堂堂魔界至尊,曾令六界聞風喪膽的魔頭,此刻身無寸縷的站在夜風中,一頭霧水。唯身後披散的長發隨風而動時擦過脖頸,勉強遮住了心口幾寸春光。

他惱極又不解,想闖進去抓著她把火洩了再質問,可是殿內卻傳來夫人嗚嗚咽咽的哭聲,也不知是否因方才叫喊的過分,那聲音啞的不行。聽的他心軟又心疼,怕惹她更傷心,站在門口踟躇不前。

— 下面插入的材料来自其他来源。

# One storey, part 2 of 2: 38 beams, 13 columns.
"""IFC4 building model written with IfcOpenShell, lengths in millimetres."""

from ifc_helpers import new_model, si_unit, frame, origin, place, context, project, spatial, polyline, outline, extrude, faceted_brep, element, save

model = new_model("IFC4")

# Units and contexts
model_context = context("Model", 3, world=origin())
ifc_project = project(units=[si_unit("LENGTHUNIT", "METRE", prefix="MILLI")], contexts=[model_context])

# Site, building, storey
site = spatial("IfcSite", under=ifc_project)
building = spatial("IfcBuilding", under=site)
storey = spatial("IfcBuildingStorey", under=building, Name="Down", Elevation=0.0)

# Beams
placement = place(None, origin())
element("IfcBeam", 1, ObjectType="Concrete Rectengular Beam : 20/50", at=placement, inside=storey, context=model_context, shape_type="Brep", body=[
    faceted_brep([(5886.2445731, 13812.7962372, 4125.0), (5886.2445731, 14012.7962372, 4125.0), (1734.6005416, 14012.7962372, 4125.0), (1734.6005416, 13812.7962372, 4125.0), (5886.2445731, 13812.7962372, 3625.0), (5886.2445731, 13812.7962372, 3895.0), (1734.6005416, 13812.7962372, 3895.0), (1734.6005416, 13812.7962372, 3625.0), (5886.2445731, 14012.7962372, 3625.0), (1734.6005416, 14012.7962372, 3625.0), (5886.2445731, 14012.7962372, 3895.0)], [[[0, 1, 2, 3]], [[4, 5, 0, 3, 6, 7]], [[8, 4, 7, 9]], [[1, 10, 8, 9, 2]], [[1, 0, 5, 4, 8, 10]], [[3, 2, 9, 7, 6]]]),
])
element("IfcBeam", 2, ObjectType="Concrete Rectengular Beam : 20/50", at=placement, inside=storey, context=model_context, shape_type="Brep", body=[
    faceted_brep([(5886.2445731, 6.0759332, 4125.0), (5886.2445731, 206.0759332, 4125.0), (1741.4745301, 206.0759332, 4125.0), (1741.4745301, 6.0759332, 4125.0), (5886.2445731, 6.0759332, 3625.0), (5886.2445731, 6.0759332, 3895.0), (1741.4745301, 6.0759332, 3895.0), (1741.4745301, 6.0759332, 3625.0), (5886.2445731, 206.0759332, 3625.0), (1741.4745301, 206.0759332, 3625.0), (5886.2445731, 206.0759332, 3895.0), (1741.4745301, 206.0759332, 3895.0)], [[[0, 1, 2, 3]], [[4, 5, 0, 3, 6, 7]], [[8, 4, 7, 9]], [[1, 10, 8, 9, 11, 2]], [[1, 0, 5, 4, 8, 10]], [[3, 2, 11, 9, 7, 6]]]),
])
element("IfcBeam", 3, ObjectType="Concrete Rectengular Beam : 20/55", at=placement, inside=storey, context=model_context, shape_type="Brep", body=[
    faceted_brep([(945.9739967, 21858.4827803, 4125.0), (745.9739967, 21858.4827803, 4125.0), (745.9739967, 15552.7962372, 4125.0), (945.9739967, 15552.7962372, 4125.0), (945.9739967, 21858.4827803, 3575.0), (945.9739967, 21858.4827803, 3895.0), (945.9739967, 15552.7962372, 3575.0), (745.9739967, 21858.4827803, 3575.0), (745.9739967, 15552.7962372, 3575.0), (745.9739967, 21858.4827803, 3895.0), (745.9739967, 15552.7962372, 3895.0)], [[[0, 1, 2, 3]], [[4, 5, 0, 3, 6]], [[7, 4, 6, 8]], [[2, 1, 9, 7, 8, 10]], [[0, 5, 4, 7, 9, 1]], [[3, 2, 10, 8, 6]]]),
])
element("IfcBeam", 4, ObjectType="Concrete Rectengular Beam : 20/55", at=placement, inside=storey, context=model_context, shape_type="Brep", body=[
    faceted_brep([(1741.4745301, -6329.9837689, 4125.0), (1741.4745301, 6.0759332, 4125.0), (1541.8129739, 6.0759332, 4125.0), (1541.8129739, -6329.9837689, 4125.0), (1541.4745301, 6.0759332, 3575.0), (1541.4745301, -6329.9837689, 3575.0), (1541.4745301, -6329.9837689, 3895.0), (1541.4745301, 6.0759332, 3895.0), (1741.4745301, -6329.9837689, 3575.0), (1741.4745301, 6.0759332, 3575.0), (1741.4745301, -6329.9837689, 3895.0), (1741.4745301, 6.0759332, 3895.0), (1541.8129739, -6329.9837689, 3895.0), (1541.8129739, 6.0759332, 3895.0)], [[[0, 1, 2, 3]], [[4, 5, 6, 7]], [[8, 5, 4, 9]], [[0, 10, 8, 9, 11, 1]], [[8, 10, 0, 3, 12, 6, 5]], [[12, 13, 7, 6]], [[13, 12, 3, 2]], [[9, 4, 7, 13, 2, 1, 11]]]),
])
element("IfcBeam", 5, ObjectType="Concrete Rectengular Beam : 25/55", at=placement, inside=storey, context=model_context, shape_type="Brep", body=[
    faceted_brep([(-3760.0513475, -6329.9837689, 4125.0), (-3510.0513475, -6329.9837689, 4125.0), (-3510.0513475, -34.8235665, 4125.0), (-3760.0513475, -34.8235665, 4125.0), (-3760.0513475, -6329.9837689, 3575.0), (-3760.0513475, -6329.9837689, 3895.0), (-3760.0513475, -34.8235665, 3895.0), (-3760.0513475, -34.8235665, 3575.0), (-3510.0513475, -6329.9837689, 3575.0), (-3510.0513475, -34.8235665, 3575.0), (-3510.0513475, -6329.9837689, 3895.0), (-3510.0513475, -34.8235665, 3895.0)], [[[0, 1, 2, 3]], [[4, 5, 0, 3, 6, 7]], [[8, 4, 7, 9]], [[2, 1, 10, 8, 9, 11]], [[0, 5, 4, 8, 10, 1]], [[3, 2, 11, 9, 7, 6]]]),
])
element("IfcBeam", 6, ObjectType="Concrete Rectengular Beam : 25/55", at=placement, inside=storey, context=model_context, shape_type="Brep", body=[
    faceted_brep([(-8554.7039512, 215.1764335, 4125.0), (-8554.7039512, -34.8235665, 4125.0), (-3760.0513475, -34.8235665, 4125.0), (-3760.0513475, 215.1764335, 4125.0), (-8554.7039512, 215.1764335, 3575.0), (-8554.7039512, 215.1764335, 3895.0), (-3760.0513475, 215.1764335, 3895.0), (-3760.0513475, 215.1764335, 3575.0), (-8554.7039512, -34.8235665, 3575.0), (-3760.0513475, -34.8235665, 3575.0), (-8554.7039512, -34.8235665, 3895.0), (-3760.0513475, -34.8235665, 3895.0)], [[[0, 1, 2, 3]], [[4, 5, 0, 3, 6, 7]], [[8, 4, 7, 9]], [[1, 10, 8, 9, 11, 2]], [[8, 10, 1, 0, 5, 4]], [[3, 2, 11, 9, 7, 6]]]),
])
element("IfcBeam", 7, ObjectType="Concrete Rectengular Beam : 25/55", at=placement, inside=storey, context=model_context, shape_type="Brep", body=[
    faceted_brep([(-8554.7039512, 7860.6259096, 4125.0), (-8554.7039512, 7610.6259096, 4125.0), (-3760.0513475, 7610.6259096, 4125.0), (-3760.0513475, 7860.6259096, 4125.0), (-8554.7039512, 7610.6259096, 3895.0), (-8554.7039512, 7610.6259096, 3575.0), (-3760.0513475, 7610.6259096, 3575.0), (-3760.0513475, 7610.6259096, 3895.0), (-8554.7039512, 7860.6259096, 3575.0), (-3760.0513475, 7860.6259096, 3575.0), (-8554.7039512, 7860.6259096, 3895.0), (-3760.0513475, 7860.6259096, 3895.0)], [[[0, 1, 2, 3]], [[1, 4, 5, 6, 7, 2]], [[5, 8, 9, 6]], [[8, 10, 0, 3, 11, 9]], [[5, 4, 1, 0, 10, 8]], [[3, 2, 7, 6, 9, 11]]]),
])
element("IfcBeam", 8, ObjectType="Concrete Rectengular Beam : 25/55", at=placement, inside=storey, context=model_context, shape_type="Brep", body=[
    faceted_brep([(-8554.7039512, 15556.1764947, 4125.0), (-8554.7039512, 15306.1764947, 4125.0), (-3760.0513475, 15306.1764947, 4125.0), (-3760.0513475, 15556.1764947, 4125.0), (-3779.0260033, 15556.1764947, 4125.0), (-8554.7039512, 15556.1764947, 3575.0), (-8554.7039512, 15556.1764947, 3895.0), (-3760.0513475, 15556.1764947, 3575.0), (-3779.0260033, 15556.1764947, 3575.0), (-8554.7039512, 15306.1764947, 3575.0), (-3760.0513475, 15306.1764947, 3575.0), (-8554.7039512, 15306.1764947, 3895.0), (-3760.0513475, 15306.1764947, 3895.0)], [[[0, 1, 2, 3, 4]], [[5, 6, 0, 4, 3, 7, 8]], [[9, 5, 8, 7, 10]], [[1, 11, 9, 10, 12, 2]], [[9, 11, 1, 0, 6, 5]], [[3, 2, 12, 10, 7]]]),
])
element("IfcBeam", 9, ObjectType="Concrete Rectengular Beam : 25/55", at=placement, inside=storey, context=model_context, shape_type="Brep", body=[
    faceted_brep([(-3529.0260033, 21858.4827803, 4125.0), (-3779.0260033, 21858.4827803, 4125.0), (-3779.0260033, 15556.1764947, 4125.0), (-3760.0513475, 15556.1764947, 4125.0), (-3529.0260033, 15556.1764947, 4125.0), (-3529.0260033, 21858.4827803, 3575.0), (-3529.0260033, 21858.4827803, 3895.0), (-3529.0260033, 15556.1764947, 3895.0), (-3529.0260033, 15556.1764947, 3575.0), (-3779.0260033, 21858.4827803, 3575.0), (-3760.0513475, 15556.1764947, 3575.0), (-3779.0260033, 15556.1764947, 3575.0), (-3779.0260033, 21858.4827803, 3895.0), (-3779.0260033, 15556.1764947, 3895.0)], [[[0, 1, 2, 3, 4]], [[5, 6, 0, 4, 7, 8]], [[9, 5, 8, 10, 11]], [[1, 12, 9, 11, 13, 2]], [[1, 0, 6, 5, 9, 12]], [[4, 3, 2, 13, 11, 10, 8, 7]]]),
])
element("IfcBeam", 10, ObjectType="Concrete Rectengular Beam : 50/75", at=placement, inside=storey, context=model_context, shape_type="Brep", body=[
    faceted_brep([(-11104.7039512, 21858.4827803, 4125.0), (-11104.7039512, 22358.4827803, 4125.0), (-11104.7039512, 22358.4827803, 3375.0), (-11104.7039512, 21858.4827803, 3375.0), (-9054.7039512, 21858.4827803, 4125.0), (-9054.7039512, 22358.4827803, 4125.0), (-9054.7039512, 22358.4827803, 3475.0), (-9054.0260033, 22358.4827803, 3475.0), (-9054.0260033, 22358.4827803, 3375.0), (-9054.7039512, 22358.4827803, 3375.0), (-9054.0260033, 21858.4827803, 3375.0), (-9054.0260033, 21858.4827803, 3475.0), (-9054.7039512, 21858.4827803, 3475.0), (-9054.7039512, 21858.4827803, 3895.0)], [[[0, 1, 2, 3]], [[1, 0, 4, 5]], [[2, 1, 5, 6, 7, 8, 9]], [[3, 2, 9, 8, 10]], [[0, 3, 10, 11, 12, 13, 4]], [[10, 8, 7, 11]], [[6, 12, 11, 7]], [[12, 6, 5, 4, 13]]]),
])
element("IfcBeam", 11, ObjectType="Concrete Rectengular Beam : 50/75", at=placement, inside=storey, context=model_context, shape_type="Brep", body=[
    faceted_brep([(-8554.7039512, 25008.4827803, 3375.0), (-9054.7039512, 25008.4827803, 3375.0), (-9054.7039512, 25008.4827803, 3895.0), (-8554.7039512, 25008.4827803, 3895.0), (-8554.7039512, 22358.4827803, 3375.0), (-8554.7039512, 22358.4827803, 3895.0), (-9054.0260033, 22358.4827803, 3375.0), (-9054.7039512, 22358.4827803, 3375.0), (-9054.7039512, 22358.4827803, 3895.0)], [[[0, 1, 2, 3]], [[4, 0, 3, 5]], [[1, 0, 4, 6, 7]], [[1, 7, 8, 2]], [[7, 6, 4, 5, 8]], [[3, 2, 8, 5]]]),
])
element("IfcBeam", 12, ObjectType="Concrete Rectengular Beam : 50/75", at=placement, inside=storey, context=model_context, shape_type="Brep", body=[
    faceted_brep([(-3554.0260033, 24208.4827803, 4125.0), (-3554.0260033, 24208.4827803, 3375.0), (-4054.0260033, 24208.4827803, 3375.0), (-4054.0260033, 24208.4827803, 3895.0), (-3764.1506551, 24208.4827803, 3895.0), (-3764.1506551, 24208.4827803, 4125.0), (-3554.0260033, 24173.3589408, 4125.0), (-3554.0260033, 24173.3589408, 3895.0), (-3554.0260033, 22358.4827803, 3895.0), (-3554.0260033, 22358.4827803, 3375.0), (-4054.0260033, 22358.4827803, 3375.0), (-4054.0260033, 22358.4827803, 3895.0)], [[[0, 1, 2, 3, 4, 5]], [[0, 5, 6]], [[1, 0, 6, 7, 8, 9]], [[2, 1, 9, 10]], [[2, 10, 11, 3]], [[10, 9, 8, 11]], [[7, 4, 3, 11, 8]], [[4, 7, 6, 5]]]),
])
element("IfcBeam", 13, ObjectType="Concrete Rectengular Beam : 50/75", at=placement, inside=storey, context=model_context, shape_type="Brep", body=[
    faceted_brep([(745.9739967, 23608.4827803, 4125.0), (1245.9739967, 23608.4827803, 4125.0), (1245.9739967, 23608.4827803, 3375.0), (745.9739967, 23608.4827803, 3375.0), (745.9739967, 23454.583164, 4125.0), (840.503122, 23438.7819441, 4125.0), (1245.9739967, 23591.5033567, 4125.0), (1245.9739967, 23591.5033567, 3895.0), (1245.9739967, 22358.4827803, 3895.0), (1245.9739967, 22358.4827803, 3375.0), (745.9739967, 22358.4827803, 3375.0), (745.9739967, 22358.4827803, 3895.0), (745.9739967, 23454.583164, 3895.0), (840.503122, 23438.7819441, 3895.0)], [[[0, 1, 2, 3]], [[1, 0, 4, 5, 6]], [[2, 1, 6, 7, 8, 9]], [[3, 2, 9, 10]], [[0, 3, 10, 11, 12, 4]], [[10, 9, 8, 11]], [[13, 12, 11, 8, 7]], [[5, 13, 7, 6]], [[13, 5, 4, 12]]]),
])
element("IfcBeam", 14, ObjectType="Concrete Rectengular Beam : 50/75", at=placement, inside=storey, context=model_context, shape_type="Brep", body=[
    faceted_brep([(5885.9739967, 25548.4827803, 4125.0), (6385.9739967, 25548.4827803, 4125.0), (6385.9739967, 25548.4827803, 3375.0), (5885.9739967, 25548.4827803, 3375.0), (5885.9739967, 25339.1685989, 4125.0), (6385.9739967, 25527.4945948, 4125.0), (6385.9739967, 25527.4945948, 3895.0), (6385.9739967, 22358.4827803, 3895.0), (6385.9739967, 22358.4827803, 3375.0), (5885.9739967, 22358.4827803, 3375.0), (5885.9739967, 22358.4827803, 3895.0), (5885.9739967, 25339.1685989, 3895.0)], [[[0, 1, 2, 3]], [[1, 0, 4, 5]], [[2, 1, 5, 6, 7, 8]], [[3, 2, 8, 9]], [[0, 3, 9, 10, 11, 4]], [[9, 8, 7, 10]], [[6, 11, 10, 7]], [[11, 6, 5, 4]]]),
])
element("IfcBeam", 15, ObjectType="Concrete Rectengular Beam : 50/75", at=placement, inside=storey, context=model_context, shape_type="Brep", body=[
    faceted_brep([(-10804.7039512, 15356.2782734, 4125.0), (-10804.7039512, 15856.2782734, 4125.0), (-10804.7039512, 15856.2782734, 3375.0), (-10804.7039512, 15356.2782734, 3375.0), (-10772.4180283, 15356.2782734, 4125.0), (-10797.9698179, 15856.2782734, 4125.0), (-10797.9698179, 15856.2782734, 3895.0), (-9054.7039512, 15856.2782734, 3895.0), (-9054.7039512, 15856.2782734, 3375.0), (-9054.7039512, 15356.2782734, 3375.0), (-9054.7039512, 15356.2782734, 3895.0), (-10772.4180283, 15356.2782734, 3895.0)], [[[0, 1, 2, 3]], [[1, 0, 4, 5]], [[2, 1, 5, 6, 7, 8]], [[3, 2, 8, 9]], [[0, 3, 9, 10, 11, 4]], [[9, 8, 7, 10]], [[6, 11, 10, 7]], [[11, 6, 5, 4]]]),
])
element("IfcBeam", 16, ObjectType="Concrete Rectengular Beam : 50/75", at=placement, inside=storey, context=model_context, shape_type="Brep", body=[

他哪裏曉得自己憋久了,□□熏心,沒輕沒重,把夫人身上弄得酸疼不已,紅痕一塊一塊的。神力無敵的魔,體力更是無限,所以那幾次只是讓他漸入佳境,還沒嘗出什麽滋味,而夫人失去法力,不堪承受他一次一次的給予,結果就被趕了出來。

他站在殿外疑惑,甚至滿心不悅。

這算什麽事?弄一半不給了,簡直豈有此理!

他朝殿內瞪眼,眸中明顯閃出怒意,腳下卻老實的站著,不敢上前。

“先讓吾進去,可否?”半響,他無奈出聲,“風大寒涼,吾甚冷。”說著赤打的腳下開始朝前挪動,還沒挪半寸又停住了。

殿內委屈的哭泣聲越來越大,夫人在裏面流著委屈心酸的淚:“神力無窮的魔尊怎會冷……陛下真的很可惡,今夜你不許進來,睡在外面!你要是敢進來,我立馬就走!”

魔帝一聽這話,不樂意了,站在門口問她:“要上哪去?”

“去個你找不到,也欺負不到我的地方!”

“……這算什麽欺負?”聽了這話,他更不樂意了,“分明是疼愛。”

“屁的疼愛,疼死還差不多。”司漓在裏面埋怨著再一次警告,“外面呆著,不許踏進殿內一步!”

說完翻了個身,再沒了動靜。

魔帝被堵得說不出話,揚眸望天,無語至極。

受傷的夫人在裏面躺著,直到哭聲越來越小,似乎是累了。而他只能在外面聽著,不敢前進,也不願離去。

“阿漓,不要不講道理。此事理所應當,你這樣抗拒,往後要如何?”安靜了片刻,魔帝妥協的開口,試探的語氣溫柔又無奈,“衣服扔出來不冷?讓吾進去抱著你。”

“誰稀罕你抱!”司漓的聲音很快從殿內飄出,“理所應當可也沒這樣不知輕重,不會憐惜人的。”

“怎麽不憐惜你?”

“陛下不憐惜就算了,如今還敢頂嘴,我說一句狡辯一句。”

“……”魔帝欲言又止,被訓斥後安靜了,老實了。

夫人卻不依不饒:“要是今日換了白櫻和子越,陛下才不會頂嘴。”

“這也能扯上?吃醋不講道理,吾能與她們做這事?”

“哼!”

“……?”

兩人你一言我一語,一個爭吵胡鬧,一個軟聲哄著,很快吵醒了深睡的眾魔,甄無遼素來愛聽八卦,終日醉醺醺的他膽子也大。別的魔醒了也得假寐不敢出聲,安安靜靜的聽魔尊被夫人訓斥,他直接拎著酒壺就來了。

魔帝聽見由遠及近的清晰腳步聲,目色一斂,地上的錦靴長袍便自動飛起,遮住了白皙的皮膚和撩人的身線。